L’atmosphère était humide et Ravuth essuya son front moite avec le bras. Il se retourna vers le village et porta son regard vers les Montagnes des Cardamomes. « Si j’étais un oiseau, je pourrais voler par-dessus les montagnes, ce serait cool là-haut », dit-il à Oun avec un grand sourire.
Oun semblait excité et approuva de la tête, car il adorait le légume qui ressemblait à un melon d’eau rond et miniature avec une chair blanche et croquante. Ravuth eut alors une idée.
* * *
On était en 1975. À l’insu du village retiré, le Cambodge était en pleine tourmente. La guerre dans le pays touchait à sa fin, mais un cauchemar commençait, qui amènerait une période de génocide affectant chaque Cambodgien.
* * *
Des gouttes de transpiration perlaient maintenant sur le visage de Ravuth. Impitoyablement, le sel de sa sueur réactivait les plaies de ses mains en frottant contre la poignée usée de sa machette. Une fois encore, il leva son bras douloureux et taillada dans le feuillage. Sa soif devenait plus pressante et la fatigue menaçait de l’accabler, mais il ne pouvait s’arrêter à cause de son petit frère.

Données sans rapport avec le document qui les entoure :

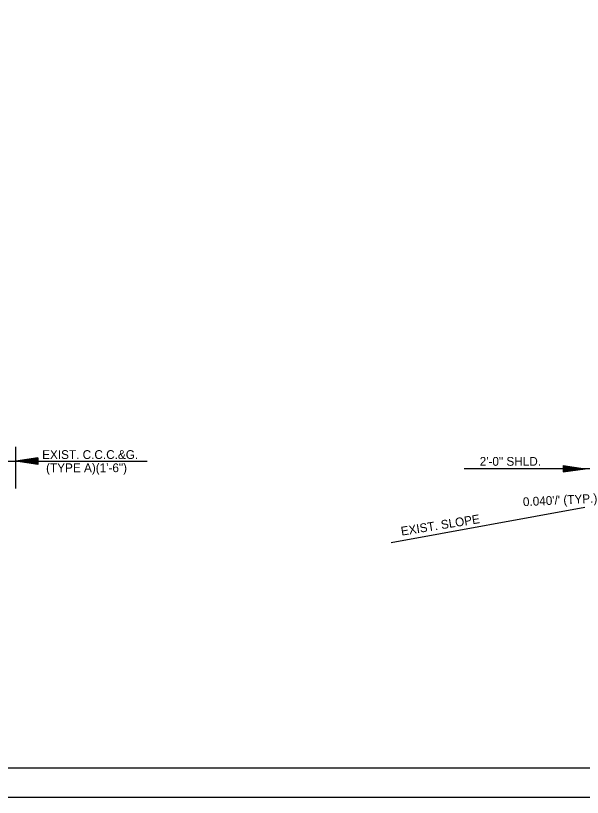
# Model space of a CAD drawing. Extents: x 2263886 to 2266026, y -3122850 to -3121850.
# Drawn here: x 2265920.8 to 2265959.5, y -3122443.8 to -3122390.5 of the extents above; entities that cross this region are included whole.
import ezdxf

# ---------------------------------------------------------------- set-up
doc = ezdxf.new("R2010")
doc.units = 0
for name, color, linetype in [('_CIVIL_CONSTRUCTION', 7, 'Continuous'), ('R_Border Prem', 7, 'Continuous'), ('R_Draft', 7, 'Continuous')]:
    doc.layers.add(name, color=color, linetype=linetype)

msp = doc.modelspace()

# ---------------------------------------------------------------- linework, layer by layer
at = {"layer": '_CIVIL_CONSTRUCTION'}
msp.add_line((2265859.035, -3122443.817), (2266025.702, -3122443.817), dxfattribs=at)
for points in [[(2265859.032, -3122337.151), (2266025.702, -3122337.151), (2266025.702, -3122443.82), (2265859.032, -3122443.82)], [(2265982.196, -3122339.098), (2265982.196, -3122344.038), (2266000.062, -3122344.038), (2266000.062, -3122345.498), (2266011.661, -3122345.498), (2266011.661, -3122357.664), (2266023.326, -3122357.664), (2266023.326, -3122441.828), (2265865.236, -3122441.828), (2265865.236, -3122339.098)]]:
    msp.add_lwpolyline(points, close=True, dxfattribs=at)
at = {"layer": 'R_Border Prem'}
for p, q in [((2265920.861, -3122422.753), (2265920.861, -3122419.897)), ((2265922.361, -3122420.662), (2265920.861, -3122420.887)), ((2265922.361, -3122420.699), (2265921.111, -3122420.887)), ((2265922.361, -3122420.737), (2265921.369, -3122420.887)), ((2265922.361, -3122420.775), (2265921.619, -3122420.887)), ((2265922.361, -3122420.814), (2265921.873, -3122420.887)), ((2265922.361, -3122420.662), (2265922.361, -3122421.112)), ((2265919.36, -3122420.886), (2265929.817, -3122420.886)), ((2265922.361, -3122421.112), (2265920.861, -3122420.887)), ((2265922.361, -3122421.074), (2265921.111, -3122420.887)), ((2265922.361, -3122421.036), (2265921.369, -3122420.887)), ((2265922.361, -3122420.998), (2265921.619, -3122420.887)), ((2265922.361, -3122420.96), (2265921.873, -3122420.887)), ((2265922.361, -3122420.851), (2265922.124, -3122420.887)), ((2265922.361, -3122420.922), (2265922.124, -3122420.887)), ((2265958.186, -3122421.169), (2265959.686, -3122421.394)), ((2265958.186, -3122421.169), (2265958.186, -3122421.619)), ((2265958.186, -3122421.206), (2265959.435, -3122421.394)), ((2265958.186, -3122421.244), (2265959.177, -3122421.394)), ((2265958.186, -3122421.282), (2265958.928, -3122421.394)), ((2265958.186, -3122421.321), (2265958.673, -3122421.394)), ((2265958.186, -3122421.358), (2265958.423, -3122421.394)), ((2265961.712, -3122421.394), (2265951.435, -3122421.394)), ((2265958.186, -3122421.619), (2265959.686, -3122421.394)), ((2265958.186, -3122421.467), (2265958.673, -3122421.394)), ((2265958.186, -3122421.543), (2265959.177, -3122421.394)), ((2265958.186, -3122421.581), (2265959.435, -3122421.394)), ((2265958.186, -3122421.505), (2265958.928, -3122421.394)), ((2265958.186, -3122421.429), (2265958.423, -3122421.394)), ((2265959.681, -3122424.032), (2265946.457, -3122426.46))]:
    msp.add_line(p, q, dxfattribs=at)
at = {"layer": 'R_Draft'}
msp.add_line((2266023.326, -3122441.828), (2265865.236, -3122441.828), dxfattribs=at)

# ---------------------------------------------------------------- texts
at = {"layer": 'R_Border Prem'}
for s, p in [('EXIST. C.C.C.&G.', (2265922.653, -3122420.733)), ('2\'-0" SHLD.', (2265952.5, -3122421.195)), ('(TYPE A)(1\'-6")', (2265922.923, -3122421.633))]:
    msp.add_text(s, height=0.6, dxfattribs=at).set_placement(p)
for s, rotation, p in [("0.040'/' (TYP.)", 2.8401, (2265955.462, -3122423.957)), ('EXIST. SLOPE', 9.1534, (2265947.174, -3122425.966))]:
    msp.add_text(s, height=0.6, rotation=rotation, dxfattribs=at).set_placement(p)

doc.saveas('drawing.dxf')
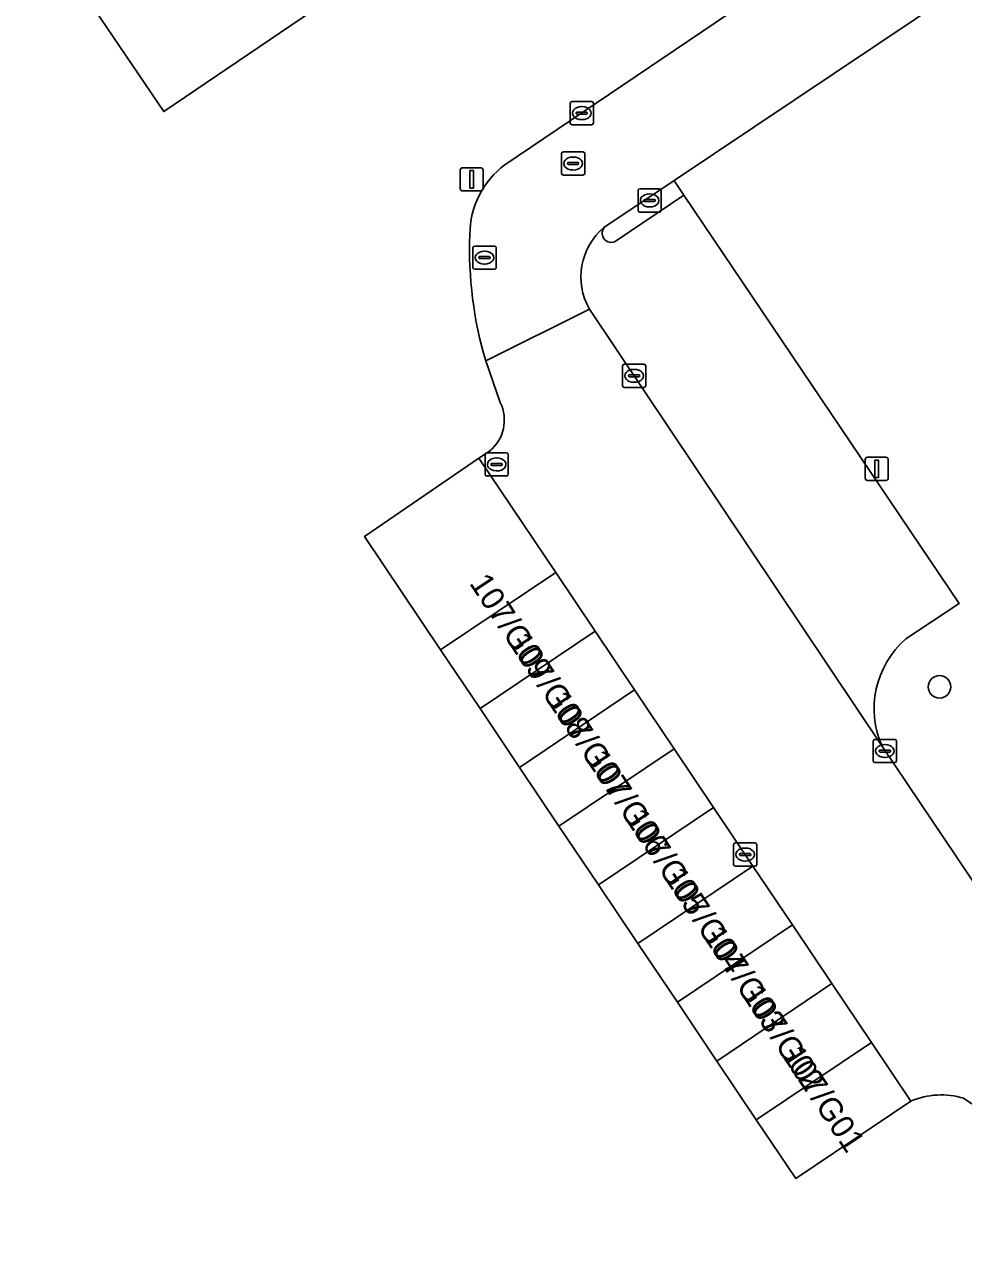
# Model space of a CAD drawing. Extents: x 157445 to 158888, y 383061 to 384688.
# Drawn here: x 157824.2 to 157864.7, y 383505.8 to 383558.3 of the extents above; entities that cross this region are included whole.
import ezdxf

# ---------------------------------------------------------------- set-up
doc = ezdxf.new("R2010")
doc.units = 0
for name, color, linetype in [('IMGEO_Boom', 7, 'Continuous'), ('IMGEO_Brandkraan', 7, 'Continuous'), ('IMGEO_Erf', 7, 'Continuous'), ('IMGEO_Kolk', 7, 'Continuous'), ('IMGEO_Lichtmast', 7, 'Continuous'), ('IMGEO_Pand', 7, 'Continuous'), ('IMGEO_Pand_nummerreeks', 7, 'Continuous'), ('IMGEO_Parkeervlak_open', 7, 'Continuous'), ('IMGEO_Rijbaan_lokaal_open', 7, 'Continuous'), ('IMGEO_Rioolput', 7, 'Continuous'), ('IMGEO_Voetpad_open', 7, 'Continuous')]:
    doc.layers.add(name, color=color, linetype=linetype)

msp = doc.modelspace()

# ---------------------------------------------------------------- linework, layer by layer
at = {"layer": 'IMGEO_Boom'}
msp.add_circle((157863.674, 383529.745), 0.489, dxfattribs=at)
at = {"layer": 'IMGEO_Brandkraan'}
for p, q in [((157847.376, 383551.876), (157847.376, 383552.728)), ((157847.451, 383552.802), (157848.303, 383552.802)), ((157848.377, 383552.728), (157848.377, 383551.876)), ((157847.635, 383552.296), (157847.635, 383552.308)), ((157848.073, 383552.259), (157847.675, 383552.259)), ((157847.678, 383552.345), (157848.076, 383552.345)), ((157847.864, 383552.582), (157847.889, 383552.582)), ((157848.119, 383552.308), (157848.119, 383552.296)), ((157848.303, 383551.802), (157847.451, 383551.802)), ((157847.887, 383552.022), (157847.862, 383552.022))]:
    msp.add_line(p, q, dxfattribs=at)
for points in [[(157847.376, 383551.876), (157847.376, 383552.728)], [(157847.451, 383552.802), (157848.303, 383552.802)], [(157848.377, 383552.728), (157848.377, 383551.876)], [(157848.303, 383551.802), (157847.451, 383551.802)]]:
    msp.add_lwpolyline(points, dxfattribs=at)
for centre, radius, start, end in [((157847.453, 383552.726), 0.0765, 91.552, 178.448), ((157847.453, 383552.726), 0.0765, 91.552, 178.448), ((157848.301, 383552.726), 0.0765, 1.552, 88.448), ((157848.301, 383552.726), 0.0765, 1.552, 88.448), ((157847.675, 383552.305), 0.0403, 85.8775, 175.7526), ((157847.672, 383552.295), 0.0366, 178.938, 274.7102), ((157848.076, 383552.302), 0.043, 264.8664, 352.4533), ((157848.08, 383552.307), 0.0386, 1.7309, 96.639), ((157847.453, 383551.878), 0.0765, 181.552, 268.448), ((157847.453, 383551.878), 0.0765, 181.552, 268.448), ((157848.301, 383551.878), 0.0765, 271.552, 358.448), ((157848.301, 383551.878), 0.0765, 271.552, 358.448)]:
    msp.add_arc(centre, radius, start, end, dxfattribs=at)
for centre, major_axis, ratio, start_param, end_param in [((157847.863, 383552.302), (-0.387, 0.002), 0.722429, 4.712389, 7.853982), ((157847.888, 383552.302), (-0.39, 0.002), 0.717154, 1.570796, 4.712389)]:
    msp.add_ellipse(centre, major_axis=major_axis, ratio=ratio, start_param=start_param, end_param=end_param, dxfattribs=at)
at = {"layer": 'IMGEO_Erf'}
msp.add_lwpolyline([(157844.882, 383564.471), (157830.231, 383554.54), (157824.218, 383563.411), (157838.87, 383573.342), (157853.625, 383583.343), (157868.277, 383593.274), (157874.289, 383584.403), (157859.638, 383574.472)], close=True, dxfattribs=at)
for points in [[(157844.94, 383552.247), (157889.043, 383582.032), (157889.621, 383582.56), (157887.417, 383584.862), (157886.541, 383585.652), (157884.838, 383587.206), (157882.528, 383589.266)], [(157905.879, 383567.073), (157893.465, 383579.161), (157891.88, 383578.119), (157852.229, 383551.572), (157852.305, 383551.459), (157852.656, 383550.938), (157864.518, 383533.336), (157862.221, 383531.81)], [(157844.739, 383541.998), (157844.108, 383543.792)], [(157862.438, 383511.892), (157857.477, 383508.557), (157855.776, 383511.088), (157854.074, 383513.62), (157852.373, 383516.151), (157850.672, 383518.683), (157848.97, 383521.214), (157847.269, 383523.746), (157845.568, 383526.277), (157843.866, 383528.809), (157842.165, 383531.34), (157838.89, 383536.227), (157843.816, 383539.6), (157844.269, 383539.91)], [(157861.211, 383527.166), (157873.422, 383509.028)], [(157869.642, 383505.834), (157866.134, 383511.051), (157864.716, 383512.012)]]:
    msp.add_lwpolyline(points, dxfattribs=at)
for centre, radius, start, end in [((157847.183, 383549.232), 3.758, 126.642, 179.8012), ((157860.364, 383548.597), 16.951, 177.8104, 196.4681), ((157843.203, 383541.247), 1.71, 308.5698, 26.059), ((157864.833, 383528.81), 3.977, 131.0422, 204.418), ((157863.743, 383508.809), 3.348, 73.0947, 112.9362)]:
    msp.add_arc(centre, radius, start, end, dxfattribs=at)
at = {"layer": 'IMGEO_Kolk'}
for p, q in [((157847.752, 383554.047), (157847.752, 383554.899)), ((157847.827, 383554.973), (157848.679, 383554.973)), ((157848.753, 383554.899), (157848.753, 383554.047)), ((157848.011, 383554.467), (157848.011, 383554.479)), ((157848.449, 383554.43), (157848.051, 383554.43)), ((157848.054, 383554.516), (157848.452, 383554.516)), ((157848.24, 383554.753), (157848.265, 383554.753)), ((157848.495, 383554.479), (157848.495, 383554.467)), ((157848.679, 383553.973), (157847.827, 383553.973)), ((157848.263, 383554.193), (157848.238, 383554.193)), ((157850.677, 383550.285), (157850.677, 383551.137)), ((157850.752, 383551.211), (157851.604, 383551.211)), ((157851.678, 383551.137), (157851.678, 383550.285)), ((157850.936, 383550.705), (157850.936, 383550.717)), ((157851.374, 383550.668), (157850.976, 383550.668)), ((157850.979, 383550.754), (157851.377, 383550.754)), ((157851.165, 383550.991), (157851.19, 383550.991)), ((157851.42, 383550.717), (157851.42, 383550.705)), ((157851.604, 383550.211), (157850.752, 383550.211)), ((157851.188, 383550.431), (157851.163, 383550.431)), ((157850.007, 383542.725), (157850.007, 383543.577)), ((157850.082, 383543.651), (157850.934, 383543.651)), ((157850.495, 383543.431), (157850.52, 383543.431)), ((157851.008, 383543.577), (157851.008, 383542.725)), ((157850.266, 383543.145), (157850.266, 383543.157)), ((157850.704, 383543.108), (157850.306, 383543.108)), ((157850.309, 383543.194), (157850.707, 383543.194)), ((157850.518, 383542.871), (157850.493, 383542.871)), ((157850.75, 383543.157), (157850.75, 383543.145)), ((157850.934, 383542.651), (157850.082, 383542.651)), ((157844.081, 383538.908), (157844.081, 383539.76)), ((157844.156, 383539.834), (157845.008, 383539.834)), ((157844.569, 383539.614), (157844.594, 383539.614)), ((157845.082, 383539.76), (157845.082, 383538.908)), ((157844.34, 383539.328), (157844.34, 383539.34)), ((157844.778, 383539.291), (157844.38, 383539.291)), ((157844.383, 383539.377), (157844.781, 383539.377)), ((157844.592, 383539.054), (157844.567, 383539.054)), ((157844.824, 383539.34), (157844.824, 383539.328)), ((157845.008, 383538.834), (157844.156, 383538.834)), ((157860.818, 383526.554), (157860.818, 383527.406)), ((157860.893, 383527.48), (157861.745, 383527.48)), ((157861.077, 383526.974), (157861.077, 383526.986)), ((157861.12, 383527.023), (157861.518, 383527.023)), ((157861.306, 383527.26), (157861.331, 383527.26)), ((157861.561, 383526.986), (157861.561, 383526.974)), ((157861.819, 383527.406), (157861.819, 383526.554)), ((157861.745, 383526.48), (157860.893, 383526.48)), ((157861.515, 383526.937), (157861.117, 383526.937)), ((157861.329, 383526.7), (157861.304, 383526.7)), ((157854.798, 383522.091), (157854.798, 383522.943)), ((157854.873, 383523.017), (157855.725, 383523.017)), ((157855.286, 383522.797), (157855.311, 383522.797)), ((157855.799, 383522.943), (157855.799, 383522.091)), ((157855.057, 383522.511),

« Nous sommes perdus, pas vrai Ravuth ? ». La voix tremblante d’Oun trahissait la peur.
Ravuth se retourna pour jeter un coup d’œil au visage enfantin. C’était sa faute s’ils étaient perdus, il n’aurait jamais dû s’écarter de la piste. Sa mère lui avait répété maintes fois de ne jamais quitter les chemins balisés, mais il pensait être plus malin.
Les garçons connaissaient la jungle qui encerclait le village retiré où leur famille vivait depuis des générations, se nourrissant de divers végétaux et animaux présents dans leur domaine sauvage. La collecte des fruits et des légumes de la jungle faisait partie des tâches quotidiennes de l’adolescent Ravuth et de son jeune frère Oun depuis des années. L’itinéraire était toujours le même. Cependant, aujourd’hui, les deux frères avaient décidé d’explorer la forêt à la recherche d’un nouveau secteur plus abondant en légumes.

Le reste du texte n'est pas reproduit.